*** Opening INFORMATION PROVIDED ***
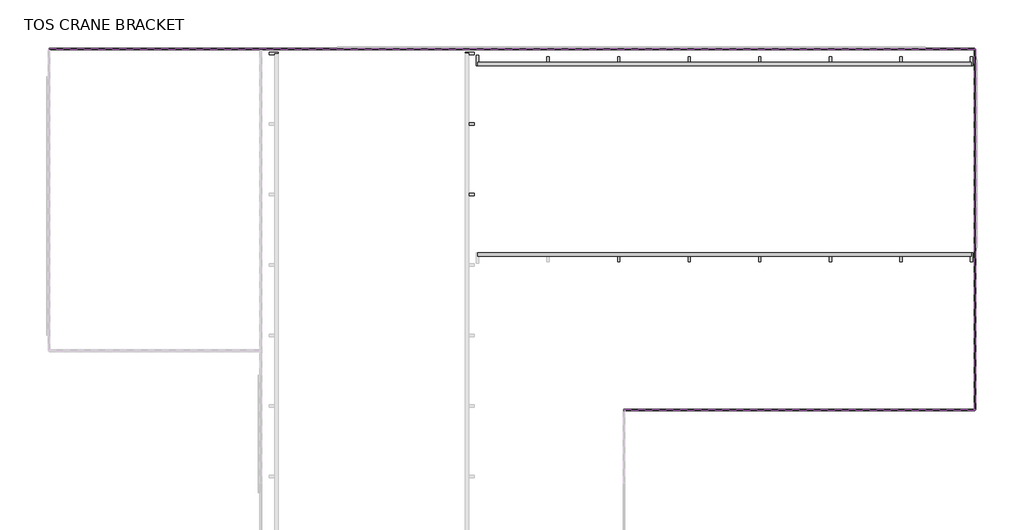
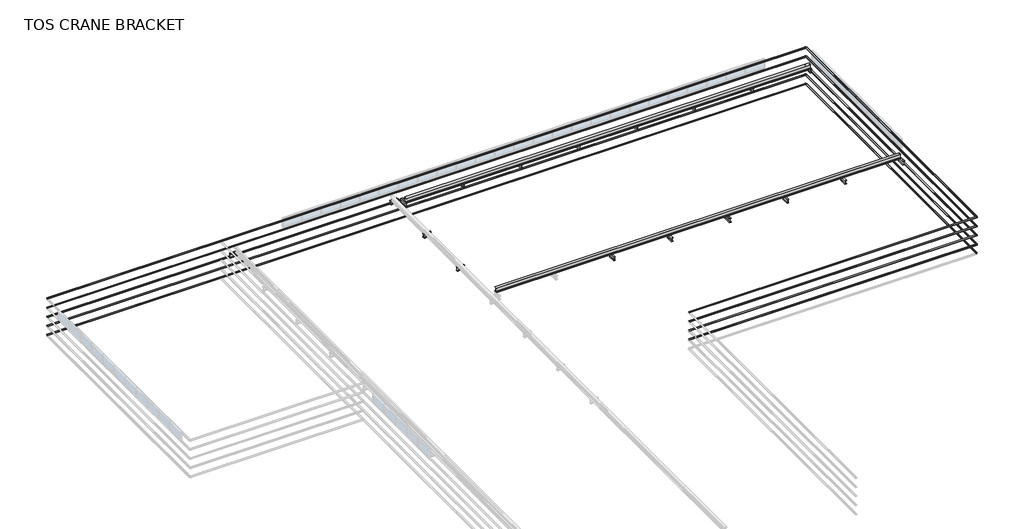
# One storey, part 3 of 3: 34 beams.
"""IFC4 building model written with IfcOpenShell, lengths in millimetres."""

import ifcopenshell
import ifcopenshell.guid

model = None  # the IFC model being written
_history = None  # IfcOwnerHistory: only IFC2X3 demands one
_inside = {}  # id of a spatial element -> (the spatial element, [elements in it])
_under = {}  # id of a project, library or spatial element -> (it, [spatial elements below it])
_declared = {}  # id of a project -> (the project, [libraries it declares])
_typed = {}  # id of a type object -> (the type object, [elements of that type])
_made_of = {}  # id of a material, layer set ... -> (it, [elements and type objects made of it])


def new_model(schema):
    """Start an empty IFC model of exactly this schema.

    Asked for "IFC4X3", IfcOpenShell would pick the latest addendum, in which some entities
    have other attributes; the version numbers below select the first issue.
    IFC2X3 requires an IfcOwnerHistory on every rooted entity: one is made here for all.
    """
    global model, _history
    if schema == "IFC4X3":
        model = ifcopenshell.file(schema_version=(4, 3, 0, 0))
    else:
        model = ifcopenshell.file(schema=schema)
    _inside.clear()
    _under.clear()
    _declared.clear()
    _typed.clear()
    _made_of.clear()
    _history = None
    if model.schema == "IFC2X3":
        org = make("IfcOrganization", Name="unknown")
        user = make(
            "IfcPersonAndOrganization",
            ThePerson=make("IfcPerson", FamilyName="unknown"),
            TheOrganization=org,
        )
        app = make(
            "IfcApplication",
            ApplicationDeveloper=org,
            Version="unknown",
            ApplicationFullName="unknown",
            ApplicationIdentifier="unknown",
        )
        _history = make(
            "IfcOwnerHistory",
            OwningUser=user,
            OwningApplication=app,
            ChangeAction="ADDED",
            CreationDate=0,
        )
    return model


def make(cls, **values):
    """One entity of the class cls with the attributes given. An attribute that is None is left unset."""
    return model.create_entity(
        cls, **{name: value for name, value in values.items() if value is not None}
    )


def rooted(cls, **values):
    """An entity with a GlobalId (a new one), such as an element, a storey or a relation."""
    return make(cls, GlobalId=ifcopenshell.guid.new(), OwnerHistory=_history, **values)


def si_unit(unit_type, name, prefix=None):
    """IfcSIUnit, for example si_unit("LENGTHUNIT", "METRE", prefix="MILLI")."""
    return make("IfcSIUnit", UnitType=unit_type, Prefix=prefix, Name=name)


def assignment(units):
    """IfcUnitAssignment: the units of a project."""
    return None if units is None else make("IfcUnitAssignment", Units=units)


def point(xyz):
    """IfcCartesianPoint."""
    return None if xyz is None else make("IfcCartesianPoint", Coordinates=xyz)


def direction(xyz):
    """IfcDirection."""
    return None if xyz is None else make("IfcDirection", DirectionRatios=xyz)


def frame(location, z_axis=None, x_axis=None):
    """IfcAxis2Placement3D, a coordinate frame: its origin and axes. An axis left out is left unset."""
    return make(
        "IfcAxis2Placement3D",
        Location=point(location),
        Axis=direction(z_axis),
        RefDirection=direction(x_axis),
    )


def frame_2d(location, x_axis=None):
    """IfcAxis2Placement2D, a coordinate frame in the plane: its origin and x axis."""
    return make(
        "IfcAxis2Placement2D", Location=point(location), RefDirection=direction(x_axis)
    )


def origin():
    """The frame at (0, 0, 0) with its axes left unset."""
    return frame((0.0, 0.0, 0.0))


def place(relative_to, where):
    """IfcLocalPlacement: puts the frame where relative to a parent placement (None: the world)."""
    return make(
        "IfcLocalPlacement", PlacementRelTo=relative_to, RelativePlacement=where
    )


def context(
    kind, dimensions, precision=None, world=None, true_north=None, identifier=None
):
    """IfcGeometricRepresentationContext, for example the 3D "Model" context."""
    return make(
        "IfcGeometricRepresentationContext",
        ContextIdentifier=identifier,
        ContextType=kind,
        CoordinateSpaceDimension=dimensions,
        Precision=precision,
        WorldCoordinateSystem=world,
        TrueNorth=true_north,
    )


def project(units=None, contexts=None):
    """IfcProject with its units and contexts."""
    return rooted(
        "IfcProject",
        Name="project",
        RepresentationContexts=contexts,
        UnitsInContext=assignment(units),
    )


def spatial(cls, under=None, at=None, **own):
    """A site, building, storey or space (cls), placed at a placement, below another one or the project."""
    s = rooted(cls, ObjectPlacement=at, **own)
    if under is not None:
        _under.setdefault(under.id(), (under, []))[1].append(s)
    return s


def polyline(points):
    """IfcPolyline through the points."""
    return make("IfcPolyline", Points=[point(p) for p in points])


def circle_curve(where, radius):
    """IfcCircle in the frame where."""
    return make("IfcCircle", Position=where, Radius=radius)


def trimmed(basis, trim1, trim2, sense, master):
    """IfcTrimmedCurve: the piece of a basis curve between two trims."""
    return make(
        "IfcTrimmedCurve",
        BasisCurve=basis,
        Trim1=trim1,
        Trim2=trim2,
        SenseAgreement=sense,
        MasterRepresentation=master,
    )


def segment(curve, same_sense, transition):
    """IfcCompositeCurveSegment."""
    return make(
        "IfcCompositeCurveSegment",
        Transition=transition,
        SameSense=same_sense,
        ParentCurve=curve,
    )


def composite_curve(segments, self_intersect=None):
    """IfcCompositeCurve: segments joined end to end."""
    return make("IfcCompositeCurve", Segments=segments, SelfIntersect=self_intersect)


def outline(outer, holes=None, kind="AREA"):
    """IfcArbitraryClosedProfileDef: a profile drawn as a closed curve; with holes, ...WithVoids."""
    if holes is None:
        return make("IfcArbitraryClosedProfileDef", ProfileType=kind, OuterCurve=outer)
    return make(
        "IfcArbitraryProfileDefWithVoids",
        ProfileType=kind,
        OuterCurve=outer,
        InnerCurves=holes,
    )


def extrude(swept, where, along, depth):
    """IfcExtrudedAreaSolid: the profile swept, set in the frame where, extruded along a direction by depth."""
    return make(
        "IfcExtrudedAreaSolid",
        SweptArea=swept,
        Position=where,
        ExtrudedDirection=direction(along),
        Depth=depth,
    )


def shape(context_of_items, identifier, shape_type, items):
    """IfcShapeRepresentation: the items that make up one representation, for example the "Body"."""
    return make(
        "IfcShapeRepresentation",
        ContextOfItems=context_of_items,
        RepresentationIdentifier=identifier,
        RepresentationType=shape_type,
        Items=items,
    )


def source(mapping_origin, context_of_items, identifier, shape_type, items):
    """IfcRepresentationMap: a shape defined once, which mapped items show again and again."""
    return make(
        "IfcRepresentationMap",
        MappingOrigin=mapping_origin,
        MappedRepresentation=shape(context_of_items, identifier, shape_type, items),
    )


def transform(
    local_origin,
    x_axis=None,
    y_axis=None,
    z_axis=None,
    scale=None,
    scale2=None,
    scale3=None,
    uniform=True,
):
    """IfcCartesianTransformationOperator3D, or its non-uniform kind. x_axis, y_axis, z_axis: its Axis1, 2, 3."""
    if uniform:
        return make(
            "IfcCartesianTransformationOperator3D",
            Axis1=direction(x_axis),
            Axis2=direction(y_axis),
            LocalOrigin=point(local_origin),
            Scale=scale,
            Axis3=direction(z_axis),
        )
    return make(
        "IfcCartesianTransformationOperator3DnonUniform",
        Axis1=direction(x_axis),
        Axis2=direction(y_axis),
        LocalOrigin=point(local_origin),
        Scale=scale,
        Axis3=direction(z_axis),
        Scale2=scale2,
        Scale3=scale3,
    )


def mapped(mapping_source, mapping_target):
    """IfcMappedItem: shows the shape of a source again, moved by a transform."""
    return make(
        "IfcMappedItem", MappingSource=mapping_source, MappingTarget=mapping_target
    )


def made_of(thing, what):
    """Note that an element or type object is made of a material, layer set ...; save() writes the relation."""
    if what is not None:
        _made_of.setdefault(what.id(), (what, []))[1].append(thing)
    return thing


def element(
    cls,
    number,
    at=None,
    inside=None,
    cuts=None,
    type_object=None,
    material=None,
    context=None,
    identifier="Body",
    shape_type=None,
    held_by="IfcProductDefinitionShape",
    body=None,
    shapes=None,
    **own,
):
    """One element of the class cls, such as IfcWall. Its Tag is "e" and its number.

    at: its placement. inside: the storey or other place that contains it. cuts: it is an
    opening in that element (IfcRelVoidsElement). A single representation is given by context,
    identifier, shape_type and body (its items); several are given by shapes. held_by: the class
    of the entity that holds the representations. save() writes the other relations.
    """
    e = rooted(cls, Tag="e%d" % number, ObjectPlacement=at, **own)
    if body is not None:
        shapes = [shape(context, identifier, shape_type, body)]
    if shapes is not None:
        e.Representation = make(held_by, Representations=shapes)
    if inside is not None:
        _inside.setdefault(inside.id(), (inside, []))[1].append(e)
    if cuts is not None:
        rooted(
            "IfcRelVoidsElement", RelatingBuildingElement=cuts, RelatedOpeningElement=e
        )
    if type_object is not None:
        _typed.setdefault(type_object.id(), (type_object, []))[1].append(e)
    return made_of(e, material)


def aggregate(whole, parts):
    """IfcRelAggregates: a whole, such as a stair, and the parts it consists of."""
    return rooted("IfcRelAggregates", RelatingObject=whole, RelatedObjects=parts)


def save(model, path):
    """Write the relations noted so far, then the file.

    IfcRelAggregates (storeys below a building ...), IfcRelContainedInSpatialStructure (elements
    in a storey), IfcRelDefinesByType, IfcRelAssociatesMaterial and IfcRelDeclares: one each for
    every whole, place, type object, material and project.
    """
    for whole, parts in _under.values():
        aggregate(whole, parts)
    for where, things in _inside.values():
        rooted(
            "IfcRelContainedInSpatialStructure",
            RelatedElements=things,
            RelatingStructure=where,
        )
    for kind, things in _typed.values():
        rooted("IfcRelDefinesByType", RelatedObjects=things, RelatingType=kind)
    for what, things in _made_of.values():
        rooted("IfcRelAssociatesMaterial", RelatedObjects=things, RelatingMaterial=what)
    for by, libraries in _declared.values():
        rooted("IfcRelDeclares", RelatingContext=by, RelatedDefinitions=libraries)
    model.write(path)


def beam_a081c7c9(model_context):
    return source(origin(), model_context, "Body", "SweptSolid", [
        extrude(outline(composite_curve([segment(polyline([(100.0, -187.0), (100.0, -200.0), (-100.0, -200.0), (-100.0, -187.0), (-20.0, -187.0)]), True, "CONTINUOUS"), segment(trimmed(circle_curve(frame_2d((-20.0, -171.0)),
*** Closing INFORMATION PROVIDED ***
TASK PROMPT
Counting only lines that contain the word "IfcRelAggregates", give the number found in the data, and nothing else.

OUTPUT FOR THIS EXERCISE
3